Object detection and instance segmentation tasks on MS-COCO showed that DVHGNN-S achieved 43.3% mAP under the RetinaNet framework, surpassing ViG by 1.5% and ViHGNN by 1.1%. Under the Mask R-CNN framework, DVHGNN-S achieved 44.8% bbox mAP and 40.2% mask mAP, outperforming ViHGNN by 1.7% and 0.6%, respectively. Semantic segmentation experiments on ADE20K using Semantic FPN and UperNet frameworks also demonstrated superior performance compared to other backbones. Ablation studies validated the contributions of individual modules, with the visualization of the hypergraph structure shown in (Figure 5).



Figure 5: Visualization of the hypergraph structure of DVHGNN. The hypergraph structure is obtained by an overlay of hyperedges derived from the Clustering method and DHGC.

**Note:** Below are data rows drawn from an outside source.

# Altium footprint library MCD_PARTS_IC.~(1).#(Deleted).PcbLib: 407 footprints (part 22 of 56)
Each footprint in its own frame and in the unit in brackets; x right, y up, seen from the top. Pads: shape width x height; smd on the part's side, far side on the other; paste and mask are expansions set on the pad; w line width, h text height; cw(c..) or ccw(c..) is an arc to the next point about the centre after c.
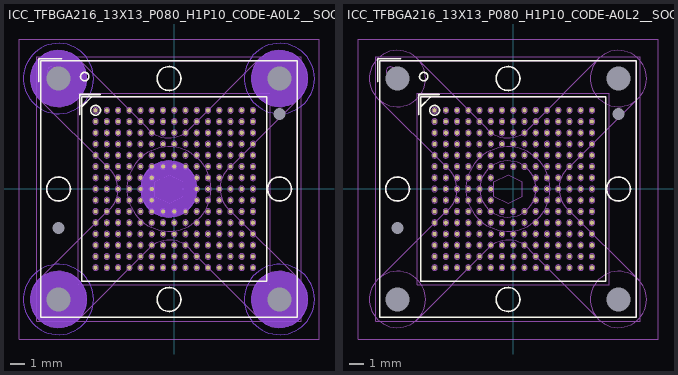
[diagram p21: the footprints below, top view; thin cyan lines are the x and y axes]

## ICC_TFBGA216_13X13_P080_H1P10_CODE-A0L2__SOCKET_IRONWOOD_CS1222291-D6524MF [mm] "MCD-02209"
height 8.25
pads (222):
  round 0.3 smd mask+0.05: A1(-5.6,5.6) A2(-4.8,5.6) A3(-4,5.6) A4(-3.2,5.6) A5(-2.4,5.6) A6(-1.6,5.6) A7(-0.8,5.6) A8(0,5.6) A9(0.8,5.6) A10(1.6,5.6) A11(2.4,5.6) A12(3.2,5.6) A13(4,5.6) A14(4.8,5.6) A15(5.6,5.6) B1(-5.6,4.8) B2(-4.8,4.8) B3(-4,4.8) B4(-3.2,4.8) B5(-2.4,4.8) B6(-1.6,4.8) B7(-0.8,4.8) B8(0,4.8) B9(0.8,4.8) B10(1.6,4.8) B11(2.4,4.8) B12(3.2,4.8) B13(4,4.8) B14(4.8,4.8) B15(5.6,4.8) C1(-5.6,4) C2(-4.8,4) C3(-4,4) C4(-3.2,4) C5(-2.4,4) C6(-1.6,4) C7(-0.8,4) C8(0,4) C9(0.8,4) C10(1.6,4) C11(2.4,4) C12(3.2,4) C13(4,4) C14(4.8,4) C15(5.6,4) D1(-5.6,3.2) D2(-4.8,3.2) D3(-4,3.2) D4(-3.2,3.2) D5(-2.4,3.2) D6(-1.6,3.2) D7(-0.8,3.2) D8(0,3.2) D9(0.8,3.2) D10(1.6,3.2) D11(2.4,3.2) D12(3.2,3.2) D13(4,3.2) D14(4.8,3.2) D15(5.6,3.2) E1(-5.6,2.4) E2(-4.8,2.4) E3(-4,2.4) E4(-3.2,2.4) E5(-2.4,2.4) E6(-1.6,2.4) E7(-0.8,2.4) E8(0,2.4) E9(0.8,2.4) E10(1.6,2.4) E11(2.4,2.4) E12(3.2,2.4) E13(4,2.4) E14(4.8,2.4) E15(5.6,2.4) F1(-5.6,1.6) F2(-4.8,1.6) F3(-4,1.6) F4(-3.2,1.6) F5(-2.4,1.6) F6(-1.6,1.6) F7(-0.8,1.6) F8(0,1.6) F9(0.8,1.6) F10(1.6,1.6) F11(2.4,1.6) F12(3.2,1.6) F13(4,1.6) F14(4.8,1.6) F15(5.6,1.6) G1(-5.6,0.8) G2(-4.8,0.8) G3(-4,0.8) G4(-3.2,0.8) G5(-2.4,0.8) G6(-1.6,0.8) G10(1.6,0.8) G11(2.4,0.8) G12(3.2,0.8) G13(4,0.8) G14(4.8,0.8) G15(5.6,0.8) H1(-5.6,0) H2(-4.8,0) H3(-4,0) H4(-3.2,0) H5(-2.4,0) H6(-1.6,0) H10(1.6,0) H11(2.4,0) H12(3.2,0) H13(4,0) H14(4.8,0) H15(5.6,0) J1(-5.6,-0.8) J2(-4.8,-0.8) J3(-4,-0.8) J4(-3.2,-0.8) J5(-2.4,-0.8) J6(-1.6,-0.8) J10(1.6,-0.8) J11(2.4,-0.8) J12(3.2,-0.8) J13(4,-0.8) J14(4.8,-0.8) J15(5.6,-0.8) K1(-5.6,-1.6) K2(-4.8,-1.6) K3(-4,-1.6) K4(-3.2,-1.6) K5(-2.4,-1.6) K6(-1.6,-1.6) K7(-0.8,-1.6) K8(0,-1.6) K9(0.8,-1.6) K10(1.6,-1.6) K11(2.4,-1.6) K12(3.2,-1.6) K13(4,-1.6) K14(4.8,-1.6) K15(5.6,-1.6) L1(-5.6,-2.4) L2(-4.8,-2.4) L3(-4,-2.4) L4(-3.2,-2.4) L5(-2.4,-2.4) L6(-1.6,-2.4) L7(-0.8,-2.4) L8(0,-2.4) L9(0.8,-2.4) L10(1.6,-2.4) L11(2.4,-2.4) L12(3.2,-2.4) L13(4,-2.4) L14(4.8,-2.4) L15(5.6,-2.4) M1(-5.6,-3.2) M2(-4.8,-3.2) M3(-4,-3.2) M4(-3.2,-3.2) M5(-2.4,-3.2) M6(-1.6,-3.2) M7(-0.8,-3.2) M8(0,-3.2) M9(0.8,-3.2) M10(1.6,-3.2) M11(2.4,-3.2) M12(3.2,-3.2) M13(4,-3.2) M14(4.8,-3.2) M15(5.6,-3.2) N1(-5.6,-4) N2(-4.8,-4) N3(-4,-4) N4(-3.2,-4) N5(-2.4,-4) N6(-1.6,-4) N7(-0.8,-4) N8(0,-4) N9(0.8,-4) N10(1.6,-4) N11(2.4,-4) N12(3.2,-4) N13(4,-4) N14(4.8,-4) N15(5.6,-4) P1(-5.6,-4.8) P2(-4.8,-4.8) P3(-4,-4.8) P4(-3.2,-4.8) P5(-2.4,-4.8) P6(-1.6,-4.8) P7(-0.8,-4.8) P8(0,-4.8) P9(0.8,-4.8) P10(1.6,-4.8) P11(2.4,-4.8) P12(3.2,-4.8) P13(4,-4.8) P14(4.8,-4.8) P15(5.6,-4.8) R1(-5.6,-5.6) R2(-4.8,-5.6) R3(-4,-5.6) R4(-3.2,-5.6) R5(-2.4,-5.6) R6(-1.6,-5.6) R7(-0.8,-5.6) R8(0,-5.6) R9(0.8,-5.6) R10(1.6,-5.6) R11(2.4,-5.6) R12(3.2,-5.6) R13(4,-5.6) R14(4.8,-5.6) R15(5.6,-5.6)
  round 0 hole 0.85 unplated mask+0.05: NPTH1(7.487,5.322) NPTH2(-8.238,-2.783)
  round 0 hole 1.71 unplated mask+0.05: PTH1(-8.238,7.862) PTH2(7.487,7.862) PTH3(7.487,-7.863) PTH4(-8.238,-7.863)
Bottom Layer keep-out:
  circle w0.01: c7.487,-7.863 r2.5
  circle w0.01: c-8.238,-7.863 r2.5
  circle w0.01: c-8.238,7.862 r2.5
  circle w0.01: c7.487,7.862 r2.5
  region: 1.6,-0.025 1.6,-0.221 1.524,-0.605 1.374,-0.966 1.156,-1.292 0.879,-1.569 0.554,-1.786 0.192,-1.936 -0.192,-2.012 -0.388,-2.012 -0.585,-2.012 -0.971,-1.936 -1.335,-1.785 -1.662,-1.566 -1.941,-1.287 -2.16,-0.96 -2.311,-0.596 -2.388,-0.209 -2.388,-0.012 -2.388,0.013 -2.388,0.209 -2.311,0.596 -2.16,0.96 -1.941,1.287 -1.662,1.566 -1.335,1.785 -0.971,1.936 -0.585,2.013 -0.388,2.013 -0.192,2.013 0.192,1.936 0.554,1.786 0.879,1.569 1.156,1.292 1.374,0.966 1.524,0.605 1.6,0.221 1.6,0.025
  region: -6.238,-7.888 -6.238,-8.083 -6.314,-8.467 -6.464,-8.829 -6.681,-9.154 -6.958,-9.431 -7.284,-9.649 -7.645,-9.799 -8.029,-9.875 -8.225,-9.875 -8.422,-9.875 -8.808,-9.798 -9.172,-9.647 -9.5,-9.429 -9.779,-9.15 -9.997,-8.822 -10.148,-8.458 -10.225,-8.072 -10.225,-7.875 -10.225,-7.85 -10.225,-7.653 -10.148,-7.267 -9.997,-6.903 -9.779,-6.575 -9.5,-6.296 -9.172,-6.078 -8.808,-5.927 -8.422,-5.85 -8.225,-5.85 -8.029,-5.85 -7.645,-5.926 -7.284,-6.076 -6.958,-6.294 -6.681,-6.571 -6.464,-6.896 -6.314,-7.258 -6.238,-7.642 -6.238,-7.838
  region: 9.487,-7.888 9.487,-8.083 9.411,-8.467 9.261,-8.829 9.044,-9.154 8.767,-9.431 8.441,-9.649 8.08,-9.799 7.696,-9.875 7.5,-9.875 7.303,-9.875 6.917,-9.798 6.553,-9.647 6.225,-9.429 5.946,-9.15 5.728,-8.822 5.577,-8.458 5.5,-8.072 5.5,-7.875 5.5,-7.85 5.5,-7.653 5.577,-7.267 5.728,-6.903 5.946,-6.575 6.225,-6.296 6.553,-6.078 6.917,-5.927 7.303,-5.85 7.5,-5.85 7.696,-5.85 8.08,-5.926 8.441,-6.076 8.767,-6.294 9.044,-6.571 9.261,-6.896 9.411,-7.258 9.487,-7.642 9.487,-7.838
  region: 9.487,7.838 9.487,7.642 9.411,7.258 9.261,6.896 9.044,6.571 8.767,6.294 8.441,6.076 8.08,5.926 7.696,5.85 7.5,5.85 7.303,5.85 6.917,5.927 6.553,6.078 6.225,6.296 5.946,6.575 5.728,6.903 5.577,7.267 5.5,7.653 5.5,7.85 5.5,7.875 5.5,8.072 5.577,8.458 5.728,8.822 5.946,9.15 6.225,9.429 6.553,9.647 6.917,9.798 7.303,9.875 7.5,9.875 7.696,9.875 8.08,9.799 8.441,9.649 8.767,9.431 9.044,9.154 9.261,8.829 9.411,8.467 9.487,8.083 9.487,7.888
  region: -6.238,7.838 -6.238,7.642 -6.314,7.258 -6.464,6.896 -6.681,6.571 -6.958,6.294 -7.284,6.076 -7.645,5.926 -8.029,5.85 -8.225,5.85 -8.422,5.85 -8.808,5.927 -9.172,6.078 -9.5,6.296 -9.779,6.575 -9.997,6.903 -10.148,7.267 -10.225,7.653 -10.225,7.85 -10.225,7.875 -10.225,8.072 -10.148,8.458 -9.997,8.822 -9.779,9.15 -9.5,9.429 -9.172,9.647 -8.808,9.798 -8.422,9.875 -8.225,9.875 -8.029,9.875 -7.645,9.799 -7.284,9.649 -6.958,9.431 -6.681,9.154 -6.464,8.829 -6.314,8.467 -6.238,8.083 -6.238,7.888
Top Overlay:
  circle w0.12: c-5.6,5.6 r0.35
  circle w0.12: c-8.238,0 r0.85
  circle w0.12: c-0.375,7.862 r0.85
  circle w0.12: c7.487,0 r0.85
  circle w0.12: c-0.375,-7.863 r0.85
  circle w0.12: c-6.375,8 r0.3
  lines w0.12: -9.65,7.625 -9.65,9.275 -8,9.275 ; -6.725,5.275 -6.725,6.725 -5.275,6.725 ; -6.55,5.895 -5.895,6.55 ; -9.5,-9.125 -9.5,9.125 8.75,9.125 8.75,-9.125 -9.5,-9.125 ; -6.575,-6.575 6.575,-6.575 6.575,6.575 -6.575,6.575 -6.575,-6.575
Bottom Overlay:
  lines w0.12: -10.75,-10.375 -10.75,10.375 -7.625,10.375 10,10.375 10,-10.375 -10.75,-10.375
M8-Bottom Info:
  circle w0.01: c-0.375,0 r2
  circle w0.01: c-8.238,7.862 r2
  circle w0.01: c7.487,7.862 r2
  circle w0.01: c7.487,-7.863 r2
  circle w0.01: c-8.238,-7.863 r2
  lines w0.01: -9.744,6.544 -4.624,1.424 ; -9.494,-6.319 -4.7,-1.525 ; -6.919,-9.369 -1.799,-4.249 ; -6.694,9.119 -1.9,4.325 ; -4.695,-1.531 ccw(c-6.015,-0.015) -4.618,1.43 ; -1.906,4.32 ccw(c-0.39,5.64) 1.055,4.243 ; -1.805,-4.243 cw(c-0.36,-5.64) 1.156,-4.32 ; 1.049,4.249 6.169,9.369 ; 1.15,-4.325 5.944,-9.119 ; 3.868,-1.43 cw(c5.265,0.015) 3.945,1.531 ; 3.874,-1.424 8.994,-6.544 ; 3.95,1.525 8.744,6.319
  text "Max Height :" at -3.725,2.15 h1.5
  text "1.4mm" at -2.05,-3.25 h1.5
M14-Top Assembly:
  drawing of 236 lines, arcs and shapes, not listed
  text "'.Designator'" at 0,0 h0.75
  text "A1" at -5.85,5.425 h0.4
M15-Bottom Assembly:
  circle w0.01: c-8.238,-7.863 r2
  circle w0.01: c7.487,-7.863 r2
  circle w0.01: c7.487,7.862 r2
  circle w0.01: c-8.238,7.862 r2
  circle w0.01: c-0.375,0 r2
  lines w0.01: -9.744,6.544 -4.624,1.424 ; -9.494,-6.319 -4.7,-1.525 ; -6.919,-9.369 -1.799,-4.249 ; -6.694,9.119 -1.9,4.325 ; -4.695,-1.531 ccw(c-6.015,-0.015) -4.618,1.43 ; -1.906,4.32 ccw(c-0.39,5.64) 1.055,4.243 ; -1.805,-4.243 cw(c-0.36,-5.64) 1.156,-4.32 ; 1.049,4.249 6.169,9.369 ; 1.15,-4.325 5.944,-9.119 ; 3.868,-1.43 cw(c5.265,0.015) 3.945,1.531 ; 3.874,-1.424 8.994,-6.544 ; 3.95,1.525 8.744,6.319
M16-Top Courtyard:
  lines w0.01: -9.8,-9.425 9.05,-9.425 9.05,9.425 -9.8,9.425 -9.8,8.5 -9.8,-9.425 ; -6.825,-6.825 6.825,-6.825 6.825,6.825 -6.825,6.825 -6.825,-6.825
M17-Bottom Courtyard:
  lines w0.01: -11.05,-10.675 -11.05,10.675 10.3,10.675 10.3,-10.675 -11.05,-10.675
3D body: height 0.36, standoff -0.04, extent 5.401,5.403 5.8,5.797
3D body: height 1.1, standoff 0.3, extent -6.55,-6.55 6.55,6.55
3D body: height 0.36, standoff -0.04, extent 4.601,5.403 5,5.797
3D body: height 0.36, standoff -0.04, extent 3.801,5.403 4.2,5.797
3D body: height 0.36, standoff -0.04, extent 3.001,5.403 3.4,5.797
3D body: height 0.36, standoff -0.04, extent 2.201,5.403 2.6,5.797
3D body: height 0.36, standoff -0.04, extent -1.799,5.403 -1.4,5.797
3D body: height 0.36, standoff -0.04, extent -0.999,5.403 -0.6,5.797
3D body: height 0.36, standoff -0.04, extent -0.199,5.403 0.2,5.797
3D body: height 0.36, standoff -0.04, extent 0.601,5.403 1,5.797
3D body: height 0.36, standoff -0.04, extent 1.401,5.403 1.8,5.797
3D body: height 0.36, standoff -0.04, extent -5.799,5.403 -5.4,5.797
3D body: height 0.36, standoff -0.04, extent -4.999,5.403 -4.6,5.797
3D body: height 0.36, standoff -0.04, extent -4.199,5.403 -3.8,5.797
3D body: height 0.36, standoff -0.04, extent -3.399,5.403 -3,5.797
3D body: height 0.36, standoff -0.04, extent -2.599,5.403 -2.2,5.797
3D body: height 0.36, standoff -0.04, extent -2.599,4.603 -2.2,4.997
3D body: height 0.36, standoff -0.04, extent -3.399,4.603 -3,4.997
3D body: height 0.36, standoff -0.04, extent -4.199,4.603 -3.8,4.997
3D body: height 0.36, standoff -0.04, extent -4.999,4.603 -4.6,4.997
3D body: height 0.36, standoff -0.04, extent -5.799,4.603 -5.4,4.997
3D body: height 0.36, standoff -0.04, extent 1.401,4.603 1.8,4.997
3D body: height 0.36, standoff -0.04, extent 0.601,4.603 1,4.997
3D body: height 0.36, standoff -0.04, extent -0.199,4.603 0.2,4.997
3D body: height 0.36, standoff -0.04, extent -0.999,4.603 -0.6,4.997
3D body: height 0.36, standoff -0.04, extent -1.799,4.603 -1.4,4.997
3D body: height 0.36, standoff -0.04, extent 2.201,4.603 2.6,4.997
3D body: height 0.36, standoff -0.04, extent 3.001,4.603 3.4,4.997
3D body: height 0.36, standoff -0.04, extent 3.801,4.603 4.2,4.997
3D body: height 0.36, standoff -0.04, extent 4.601,4.603 5,4.997
3D body: height 0.36, standoff -0.04, extent 5.401,4.603 5.8,4.997
3D body: height 0.36, standoff -0.04, extent -2.599,3.803 -2.2,4.197
3D body: height 0.36, standoff -0.04, extent -3.399,3.803 -3,4.197
3D body: height 0.36, standoff -0.04, extent -4.199,3.803 -3.8,4.197
3D body: height 0.36, standoff -0.04, extent -4.999,3.803 -4.6,4.197
3D body: height 0.36, standoff -0.04, extent -5.799,3.803 -5.4,4.197
3D body: height 0.36, standoff -0.04, extent 1.401,3.803 1.8,4.197
3D body: height 0.36, standoff -0.04, extent 0.601,3.803 1,4.197
3D body: height 0.36, standoff -0.04, extent -0.199,3.803 0.2,4.197
3D body: height 0.36, standoff -0.04, extent -0.999,3.803 -0.6,4.197
3D body: height 0.36, standoff -0.04, extent -1.799,3.803 -1.4,4.197
3D body: height 0.36, standoff -0.04, extent 2.201,3.803 2.6,4.197
3D body: height 0.36, standoff -0.04, extent 3.001,3.803 3.4,4.197
3D body: height 0.36, standoff -0.04, extent 3.801,3.803 4.2,4.197
3D body: height 0.36, standoff -0.04, extent 4.601,3.803 5,4.197
3D body: height 0.36, standoff -0.04, extent 5.401,3.803 5.8,4.197
3D body: height 0.36, standoff -0.04, extent -2.599,3.003 -2.2,3.397
3D body: height 0.36, standoff -0.04, extent -3.399,3.003 -3,3.397
3D body: height 0.36, standoff -0.04, extent -4.199,3.003 -3.8,3.397
3D body: height 0.36, standoff -0.04, extent -4.999,3.003 -4.6,3.397
3D body: height 0.36, standoff -0.04, extent -5.799,3.003 -5.4,3.397
3D body: height 0.36, standoff -0.04, extent 1.401,3.003 1.8,3.397
3D body: height 0.36, standoff -0.04, extent 0.601,3.003 1,3.397
3D body: height 0.36, standoff -0.04, extent -0.199,3.003 0.2,3.397
3D body: height 0.36, standoff -0.04, extent -0.999,3.003 -0.6,3.397
3D body: height 0.36, standoff -0.04, extent -1.799,3.003 -1.4,3.397
3D body: height 0.36, standoff -0.04, extent 2.201,3.003 2.6,3.397
3D body: height 0.36, standoff -0.04, extent 3.001,3.003 3.4,3.397
3D body: height 0.36, standoff -0.04, extent 3.801,3.003 4.2,3.397
3D body: height 0.36, standoff -0.04, extent 4.601,3.003 5,3.397
3D body: height 0.36, standoff -0.04, extent 5.401,3.003 5.8,3.397
3D body: height 0.36, standoff -0.04, extent -2.599,2.203 -2.2,2.597
3D body: height 0.36, standoff -0.04, extent -3.399,2.203 -3,2.597
3D body: height 0.36, standoff -0.04, extent -4.199,2.203 -3.8,2.597
3D body: height 0.36, standoff -0.04, extent -4.999,2.203 -4.6,2.597
3D body: height 0.36, standoff -0.04, extent -5.799,2.203 -5.4,2.597
3D body: height 0.36, standoff -0.04, extent 1.401,2.203 1.8,2.597
3D body: height 0.36, standoff -0.04, extent 0.601,2.203 1,2.597
3D body: height 0.36, standoff -0.04, extent -0.199,2.203 0.2,2.597
3D body: height 0.36, standoff -0.04, extent -0.999,2.203 -0.6,2.597
3D body: height 0.36, standoff -0.04, extent -1.799,2.203 -1.4,2.597
3D body: height 0.36, standoff -0.04, extent 2.201,2.203 2.6,2.597
3D body: height 0.36, standoff -0.04, extent 3.001,2.203 3.4,2.597
3D body: height 0.36, standoff -0.04, extent 3.801,2.203 4.2,2.597
3D body: height 0.36, standoff -0.04, extent 4.601,2.203 5,2.597
3D body: height 0.36, standoff -0.04, extent 5.401,2.203 5.8,2.597
3D body: height 0.36, standoff -0.04, extent -2.599,1.403 -2.2,1.797
3D body: height 0.36, standoff -0.04, extent -3.399,1.403 -3,1.797
3D body: height 0.36, standoff -0.04, extent -4.199,1.403 -3.8,1.797
3D body: height 0.36, standoff -0.04, extent -4.999,1.403 -4.6,1.797
3D body: height 0.36, standoff -0.04, extent -5.799,1.403 -5.4,1.797
3D body: height 0.36, standoff -0.04, extent 1.401,1.403 1.8,1.797
3D body: height 0.36, standoff -0.04, extent 0.601,1.403 1,1.797
3D body: height 0.36, standoff -0.04, extent -0.199,1.403 0.2,1.797
3D body: height 0.36, standoff -0.04, extent -0.999,1.403 -0.6,1.797
3D body: height 0.36, standoff -0.04, extent -1.799,1.403 -1.4,1.797
3D body: height 0.36, standoff -0.04, extent 2.201,1.403 2.6,1.797
3D body: height 0.36, standoff -0.04, extent 3.001,1.403 3.4,1.797
3D body: height 0.36, standoff -0.04, extent 3.801,1.403 4.2,1.797
3D body: height 0.36, standoff -0.04, extent 4.601,1.403 5,1.797
3D body: height 0.36, standoff -0.04, extent 5.401,1.403 5.8,1.797
3D body: height 0.36, standoff -0.04, extent -2.599,0.603 -2.2,0.997
3D body: height 0.36, standoff -0.04, extent -3.399,0.603 -3,0.997
3D body: height 0.36, standoff -0.04, extent -4.199,0.603 -3.8,0.997
3D body: height 0.36, standoff -0.04, extent -4.999,0.603 -4.6,0.997
3D body: height 0.36, standoff -0.04, extent -5.799,0.603 -5.4,0.997
3D body: height 0.36, standoff -0.04, extent 1.401,0.603 1.8,0.997
3D body: height 0.36, standoff -0.04, extent -1.799,0.603 -1.4,0.997
3D body: height 0.36, standoff -0.04, extent 2.201,0.603 2.6,0.997
3D body: height 0.36, standoff -0.04, extent 3.001,0.603 3.4,0.997
3D body: height 0.36, standoff -0.04, extent 3.801,0.603 4.2,0.997
3D body: height 0.36, standoff -0.04, extent 4.601,0.603 5,0.997
3D body: height 0.36, standoff -0.04, extent 5.401,0.603 5.8,0.997
3D body: height 0.36, standoff -0.04, extent -2.599,-0.197 -2.2,0.197
3D body: height 0.36, standoff -0.04, extent -3.399,-0.197 -3,0.197
3D body: height 0.36, standoff -0.04, extent -4.199,-0.197 -3.8,0.197
3D body: height 0.36, standoff -0.04, extent -4.999,-0.197 -4.6,0.197
3D body: height 0.36, standoff -0.04, extent -5.799,-0.197 -5.4,0.197
3D body: height 0.36, standoff -0.04, extent 1.401,-0.197 1.8,0.197
3D body: height 0.36, standoff -0.04, extent -1.799,-0.197 -1.4,0.197
3D body: height 0.36, standoff -0.04, extent 2.201,-0.197 2.6,0.197
3D body: height 0.36, standoff -0.04, extent 3.001,-0.197 3.4,0.197
3D body: height 0.36, standoff -0.04, extent 3.801,-0.197 4.2,0.197
3D body: height 0.36, standoff -0.04, extent 4.601,-0.197 5,0.197
3D body: height 0.36, standoff -0.04, extent 5.401,-0.197 5.8,0.197
3D body: height 0.36, standoff -0.04, extent -2.599,-0.997 -2.2,-0.603
3D body: height 0.36, standoff -0.04, extent -3.399,-0.997 -3,-0.603
3D body: height 0.36, standoff -0.04, extent -4.199,-0.997 -3.8,-0.603
3D body: height 0.36, standoff -0.04, extent -4.999,-0.997 -4.6,-0.603
3D body: height 0.36, standoff -0.04, extent -5.799,-0.997 -5.4,-0.603
3D body: height 0.36, standoff -0.04, extent 1.401,-0.997 1.8,-0.603
3D body: height 0.36, standoff -0.04, extent -1.799,-0.997 -1.4,-0.603
3D body: height 0.36, standoff -0.04, extent 2.201,-0.997 2.6,-0.603
3D body: height 0.36, standoff -0.04, extent 3.001,-0.997 3.4,-0.603
3D body: height 0.36, standoff -0.04, extent 3.801,-0.997 4.2,-0.603
3D body: height 0.36, standoff -0.04, extent 4.601,-0.997 5,-0.603
3D body: height 0.36, standoff -0.04, extent 5.401,-0.997 5.8,-0.603
3D body: height 0.36, standoff -0.04, extent -2.599,-1.797 -2.2,-1.403
3D body: height 0.36, standoff -0.04, extent -3.399,-1.797 -3,-1.403
3D body: height 0.36, standoff -0.04, extent -4.199,-1.797 -3.8,-1.403
3D body: height 0.36, standoff -0.04, extent -4.999,-1.797 -4.6,-1.403
3D body: height 0.36, standoff -0.04, extent -5.799,-1.797 -5.4,-1.403
3D body: height 0.36, standoff -0.04, extent 1.401,-1.797 1.8,-1.403
3D body: height 0.36, standoff -0.04, extent 0.601,-1.797 1,-1.403
3D body: height 0.36, standoff -0.04, extent -0.199,-1.797 0.2,-1.403
3D body: height 0.36, standoff -0.04, extent -0.999,-1.797 -0.6,-1.403
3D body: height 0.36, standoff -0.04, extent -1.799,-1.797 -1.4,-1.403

The visualization of cross-tasks clustering hyperedges in object detection and instance segmentation is shown in (Figure 6).
Figure 6: Visualization of cross-tasks clustering hyperedges in object detection and instance segmentation, respectively.
Conclusion
The paper presents DVHGNN, a novel vision backbone that learns hypergraph-aware vision features through a dynamic, learnable hypergraph. The method adaptively captures multi-scale dependencies and aggregates vertex features into hyperedge features using a novel dynamic hypergraph convolution. The qualitative and quantitative results demonstrate the effectiveness of DVHGNN in enhancing the learning performance of various vision tasks. Future work will explore the scalability and generalization of DVHGNN across additional vision tasks.